Boost for Education, Healthcare, and Social Welfare
- Broadband connectivity for all government secondary schools and primary healthcare centres.
- Five National Centers of Excellence for Skilling to boost vocational education.
- Three AI Centers of Excellence with an outlay of Rs 500 crore.
- 10,000 additional medical college seats to be added.
- Day-care cancer centres in every district, with 200 centres planned for 2025-26.
- Social security scheme for gig workers, integrating e-Shram portal registration and insurance.
Fiscal Deficit and Borrowing Plans
The fiscal deficit for FY25 is estimated at 4.8% of GDP, with a target to bring it down to 4.4% in FY26. The government has projected net tax receipts for FY26 at Rs 28.37 lakh crore, while gross market borrowing is pegged at Rs 14.82 lakh crore.
Financial and Regulatory Reforms
- Insurance FDI limit increased from 74% to 100%, encouraging foreign investments.
- A new Income Tax Bill to be introduced next week, aiming to simplify taxation further.
- Central KYC Registry to be implemented in 2025 for better financial compliance.
Tourism and Innovation: A New Growth Avenue
To boost tourism and innovation, the Budget lays out several initiatives:
- Development of top 50 tourist destinations in partnership with states.

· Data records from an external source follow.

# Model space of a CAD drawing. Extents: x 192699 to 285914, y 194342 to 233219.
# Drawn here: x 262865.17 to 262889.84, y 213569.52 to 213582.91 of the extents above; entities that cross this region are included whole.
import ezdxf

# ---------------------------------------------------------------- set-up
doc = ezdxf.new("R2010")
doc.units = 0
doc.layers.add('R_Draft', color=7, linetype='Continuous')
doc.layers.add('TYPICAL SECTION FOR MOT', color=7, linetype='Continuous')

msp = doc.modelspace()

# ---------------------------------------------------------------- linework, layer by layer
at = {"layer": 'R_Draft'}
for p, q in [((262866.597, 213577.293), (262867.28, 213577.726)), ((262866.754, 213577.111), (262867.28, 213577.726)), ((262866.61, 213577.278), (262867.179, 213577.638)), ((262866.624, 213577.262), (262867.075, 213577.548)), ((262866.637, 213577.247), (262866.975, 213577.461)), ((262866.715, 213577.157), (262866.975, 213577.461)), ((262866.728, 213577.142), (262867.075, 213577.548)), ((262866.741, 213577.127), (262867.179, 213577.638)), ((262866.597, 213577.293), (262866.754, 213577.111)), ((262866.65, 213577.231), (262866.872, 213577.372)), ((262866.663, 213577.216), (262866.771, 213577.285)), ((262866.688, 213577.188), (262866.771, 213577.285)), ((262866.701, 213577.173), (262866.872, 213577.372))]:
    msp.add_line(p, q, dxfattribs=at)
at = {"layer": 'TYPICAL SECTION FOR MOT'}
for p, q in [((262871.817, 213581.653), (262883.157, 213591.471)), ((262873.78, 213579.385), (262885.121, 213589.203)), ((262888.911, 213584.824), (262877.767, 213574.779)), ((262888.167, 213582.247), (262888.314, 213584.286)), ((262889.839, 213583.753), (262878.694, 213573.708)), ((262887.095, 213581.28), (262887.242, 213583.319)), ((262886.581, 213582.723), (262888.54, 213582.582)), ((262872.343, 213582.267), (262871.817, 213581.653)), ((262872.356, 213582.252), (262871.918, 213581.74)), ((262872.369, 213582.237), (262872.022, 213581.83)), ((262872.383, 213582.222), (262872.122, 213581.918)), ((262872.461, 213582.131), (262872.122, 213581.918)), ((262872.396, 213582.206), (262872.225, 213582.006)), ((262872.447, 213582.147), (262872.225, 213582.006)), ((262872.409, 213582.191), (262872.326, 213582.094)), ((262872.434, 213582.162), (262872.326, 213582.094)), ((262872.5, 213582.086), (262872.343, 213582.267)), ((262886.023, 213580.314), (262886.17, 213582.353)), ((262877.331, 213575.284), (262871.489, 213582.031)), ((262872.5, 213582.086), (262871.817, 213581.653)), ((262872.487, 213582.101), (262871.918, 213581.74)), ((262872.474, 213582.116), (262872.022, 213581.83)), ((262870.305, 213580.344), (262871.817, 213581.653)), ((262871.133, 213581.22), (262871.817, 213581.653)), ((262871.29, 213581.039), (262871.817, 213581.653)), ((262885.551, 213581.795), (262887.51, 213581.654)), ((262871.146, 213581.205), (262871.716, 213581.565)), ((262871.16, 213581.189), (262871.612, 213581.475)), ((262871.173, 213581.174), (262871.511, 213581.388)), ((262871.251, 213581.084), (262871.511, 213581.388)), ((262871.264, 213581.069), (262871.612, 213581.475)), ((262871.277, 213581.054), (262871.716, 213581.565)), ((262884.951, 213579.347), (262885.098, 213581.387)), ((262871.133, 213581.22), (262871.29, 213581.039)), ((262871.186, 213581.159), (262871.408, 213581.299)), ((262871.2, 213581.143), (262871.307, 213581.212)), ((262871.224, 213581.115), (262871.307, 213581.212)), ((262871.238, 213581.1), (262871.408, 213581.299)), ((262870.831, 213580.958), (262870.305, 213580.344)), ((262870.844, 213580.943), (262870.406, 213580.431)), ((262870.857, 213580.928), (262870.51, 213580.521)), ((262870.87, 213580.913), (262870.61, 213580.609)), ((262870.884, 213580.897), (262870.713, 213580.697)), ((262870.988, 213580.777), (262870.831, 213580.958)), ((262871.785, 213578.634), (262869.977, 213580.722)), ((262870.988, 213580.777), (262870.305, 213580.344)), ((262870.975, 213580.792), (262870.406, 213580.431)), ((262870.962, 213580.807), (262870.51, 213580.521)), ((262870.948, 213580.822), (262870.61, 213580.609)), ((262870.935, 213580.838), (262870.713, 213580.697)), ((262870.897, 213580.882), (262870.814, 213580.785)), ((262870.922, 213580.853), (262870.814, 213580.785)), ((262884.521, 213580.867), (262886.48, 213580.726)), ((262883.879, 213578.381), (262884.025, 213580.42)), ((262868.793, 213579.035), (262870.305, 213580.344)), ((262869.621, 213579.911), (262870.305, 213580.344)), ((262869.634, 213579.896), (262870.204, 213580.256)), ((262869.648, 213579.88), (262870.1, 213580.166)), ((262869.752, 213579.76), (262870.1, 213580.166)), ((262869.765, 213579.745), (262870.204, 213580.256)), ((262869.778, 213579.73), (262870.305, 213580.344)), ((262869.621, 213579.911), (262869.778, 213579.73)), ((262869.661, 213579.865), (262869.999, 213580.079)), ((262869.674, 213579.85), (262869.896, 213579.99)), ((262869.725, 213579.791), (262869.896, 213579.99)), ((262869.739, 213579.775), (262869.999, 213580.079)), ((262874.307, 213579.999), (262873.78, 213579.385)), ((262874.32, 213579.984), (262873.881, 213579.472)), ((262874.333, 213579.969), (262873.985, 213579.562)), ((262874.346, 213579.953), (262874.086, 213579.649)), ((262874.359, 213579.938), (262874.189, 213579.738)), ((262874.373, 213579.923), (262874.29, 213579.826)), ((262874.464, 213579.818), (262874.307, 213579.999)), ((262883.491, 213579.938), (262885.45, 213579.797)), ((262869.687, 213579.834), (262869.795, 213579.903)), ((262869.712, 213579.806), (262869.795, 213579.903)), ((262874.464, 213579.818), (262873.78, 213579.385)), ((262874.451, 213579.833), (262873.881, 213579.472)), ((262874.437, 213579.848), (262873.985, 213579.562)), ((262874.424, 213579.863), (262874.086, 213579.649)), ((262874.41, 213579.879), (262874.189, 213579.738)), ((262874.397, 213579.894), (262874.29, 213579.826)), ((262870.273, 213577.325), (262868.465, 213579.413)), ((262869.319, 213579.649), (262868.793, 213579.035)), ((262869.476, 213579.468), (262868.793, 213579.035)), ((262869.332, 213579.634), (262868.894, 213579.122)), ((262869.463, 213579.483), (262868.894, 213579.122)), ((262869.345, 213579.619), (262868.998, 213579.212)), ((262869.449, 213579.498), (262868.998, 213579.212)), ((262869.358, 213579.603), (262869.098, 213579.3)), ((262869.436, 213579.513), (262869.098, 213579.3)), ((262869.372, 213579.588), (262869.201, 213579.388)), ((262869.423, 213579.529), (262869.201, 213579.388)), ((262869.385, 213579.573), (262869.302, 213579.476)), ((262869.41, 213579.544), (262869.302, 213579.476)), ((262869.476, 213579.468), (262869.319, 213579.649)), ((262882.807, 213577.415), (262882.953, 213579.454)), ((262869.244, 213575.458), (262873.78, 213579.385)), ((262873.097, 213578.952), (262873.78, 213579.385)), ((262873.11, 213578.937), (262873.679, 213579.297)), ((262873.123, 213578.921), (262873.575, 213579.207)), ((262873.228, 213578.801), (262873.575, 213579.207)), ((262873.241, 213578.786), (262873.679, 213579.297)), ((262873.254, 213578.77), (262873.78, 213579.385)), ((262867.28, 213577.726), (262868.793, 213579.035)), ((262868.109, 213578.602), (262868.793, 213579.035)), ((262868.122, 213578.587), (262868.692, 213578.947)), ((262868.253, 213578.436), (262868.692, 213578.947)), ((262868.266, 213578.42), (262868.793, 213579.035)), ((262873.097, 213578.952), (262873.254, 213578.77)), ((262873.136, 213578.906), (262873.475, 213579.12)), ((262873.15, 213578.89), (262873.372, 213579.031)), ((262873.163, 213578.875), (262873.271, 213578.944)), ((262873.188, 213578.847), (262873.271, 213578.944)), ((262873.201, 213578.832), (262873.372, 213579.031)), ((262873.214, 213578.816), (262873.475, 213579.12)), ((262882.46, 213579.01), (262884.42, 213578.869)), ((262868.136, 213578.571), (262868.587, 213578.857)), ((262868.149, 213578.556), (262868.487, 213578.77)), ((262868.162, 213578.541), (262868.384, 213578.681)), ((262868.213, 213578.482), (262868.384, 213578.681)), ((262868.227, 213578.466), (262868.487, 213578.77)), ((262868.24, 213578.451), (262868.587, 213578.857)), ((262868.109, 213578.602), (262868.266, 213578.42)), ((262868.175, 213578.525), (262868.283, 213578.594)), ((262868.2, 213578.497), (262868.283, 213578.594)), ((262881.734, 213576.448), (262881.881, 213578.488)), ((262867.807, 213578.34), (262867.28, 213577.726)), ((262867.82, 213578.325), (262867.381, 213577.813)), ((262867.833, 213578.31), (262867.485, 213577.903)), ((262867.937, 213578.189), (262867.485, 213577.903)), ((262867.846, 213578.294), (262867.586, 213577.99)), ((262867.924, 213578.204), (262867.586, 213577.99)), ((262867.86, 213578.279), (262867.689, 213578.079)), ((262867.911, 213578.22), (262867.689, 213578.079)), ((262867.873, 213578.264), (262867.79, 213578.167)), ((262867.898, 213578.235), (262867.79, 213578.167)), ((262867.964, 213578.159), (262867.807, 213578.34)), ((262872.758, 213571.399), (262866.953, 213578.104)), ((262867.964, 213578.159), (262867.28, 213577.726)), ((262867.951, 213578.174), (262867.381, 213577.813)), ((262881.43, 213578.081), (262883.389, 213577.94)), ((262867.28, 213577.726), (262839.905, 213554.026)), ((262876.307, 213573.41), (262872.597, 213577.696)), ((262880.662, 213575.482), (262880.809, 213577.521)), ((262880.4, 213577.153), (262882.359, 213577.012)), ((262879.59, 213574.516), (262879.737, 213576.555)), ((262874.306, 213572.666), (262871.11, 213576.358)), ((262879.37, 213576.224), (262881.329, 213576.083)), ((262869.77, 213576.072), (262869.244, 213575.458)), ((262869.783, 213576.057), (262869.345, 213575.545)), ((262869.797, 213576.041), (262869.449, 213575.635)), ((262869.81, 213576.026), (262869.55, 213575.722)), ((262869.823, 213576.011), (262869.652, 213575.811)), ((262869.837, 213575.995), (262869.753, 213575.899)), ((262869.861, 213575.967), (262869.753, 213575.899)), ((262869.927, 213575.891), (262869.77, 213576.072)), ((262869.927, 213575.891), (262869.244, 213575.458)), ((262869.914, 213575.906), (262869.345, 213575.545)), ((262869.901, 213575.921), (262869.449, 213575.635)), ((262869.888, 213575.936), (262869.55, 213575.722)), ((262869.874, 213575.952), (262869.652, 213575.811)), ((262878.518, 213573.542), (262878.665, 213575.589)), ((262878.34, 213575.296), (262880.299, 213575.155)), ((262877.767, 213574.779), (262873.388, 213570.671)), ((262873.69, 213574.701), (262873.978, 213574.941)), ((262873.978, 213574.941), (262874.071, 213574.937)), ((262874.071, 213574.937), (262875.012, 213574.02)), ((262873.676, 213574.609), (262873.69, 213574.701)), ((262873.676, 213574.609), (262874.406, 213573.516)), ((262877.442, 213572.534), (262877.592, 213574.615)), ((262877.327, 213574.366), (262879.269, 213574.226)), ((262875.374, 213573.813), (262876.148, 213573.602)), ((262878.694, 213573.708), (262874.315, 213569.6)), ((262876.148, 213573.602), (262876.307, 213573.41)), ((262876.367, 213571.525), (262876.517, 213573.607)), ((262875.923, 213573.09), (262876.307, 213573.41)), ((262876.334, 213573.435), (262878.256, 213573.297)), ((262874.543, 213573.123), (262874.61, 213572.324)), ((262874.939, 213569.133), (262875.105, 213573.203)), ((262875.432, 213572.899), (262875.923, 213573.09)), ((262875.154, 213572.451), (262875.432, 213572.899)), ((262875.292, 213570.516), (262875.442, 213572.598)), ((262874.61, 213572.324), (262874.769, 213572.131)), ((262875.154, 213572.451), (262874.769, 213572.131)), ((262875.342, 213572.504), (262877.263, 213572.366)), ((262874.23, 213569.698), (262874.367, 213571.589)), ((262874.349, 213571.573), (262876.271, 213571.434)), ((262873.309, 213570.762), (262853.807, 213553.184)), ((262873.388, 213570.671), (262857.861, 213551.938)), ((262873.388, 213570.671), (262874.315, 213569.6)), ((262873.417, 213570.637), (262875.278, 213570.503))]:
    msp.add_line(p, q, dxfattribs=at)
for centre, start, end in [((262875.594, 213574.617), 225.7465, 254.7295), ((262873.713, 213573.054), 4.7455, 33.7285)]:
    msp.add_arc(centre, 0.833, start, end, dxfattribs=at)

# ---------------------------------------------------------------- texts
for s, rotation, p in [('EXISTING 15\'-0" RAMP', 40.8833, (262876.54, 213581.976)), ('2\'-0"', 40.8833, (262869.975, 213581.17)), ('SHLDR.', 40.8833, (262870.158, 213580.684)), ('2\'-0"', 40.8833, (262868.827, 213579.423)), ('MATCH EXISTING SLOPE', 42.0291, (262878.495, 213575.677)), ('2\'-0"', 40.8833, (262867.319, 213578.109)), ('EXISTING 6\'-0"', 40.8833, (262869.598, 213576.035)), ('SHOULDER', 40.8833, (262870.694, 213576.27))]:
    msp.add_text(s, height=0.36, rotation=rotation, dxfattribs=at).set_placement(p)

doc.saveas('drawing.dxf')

- Mudra loans for homestay businesses to promote local tourism.
- Focus on medical tourism under the “Heal-in-India” initiative.
- Deeptech fund-of-funds to support emerging startups.
- Launch of National Geospatial Mission for better spatial data management.
What Does This Budget Mean for You?
Budget 2025 brings substantial tax relief, infrastructure spending, and sectoral reforms that impact individuals and businesses alike. With higher income tax exemptions, increased thresholds for foreign remittances, and stronger financial regulation, the government aims to provide stability while driving growth. On the other hand, higher fiscal deficit projections and increased market borrowing indicate that the government is banking on long-term economic expansion to balance the books.
As always, the devil lies in the details, and the coming months will reveal how these measures translate into real economic impact. For now, taxpayers, businesses, and investors have a lot to look forward to in the year ahead.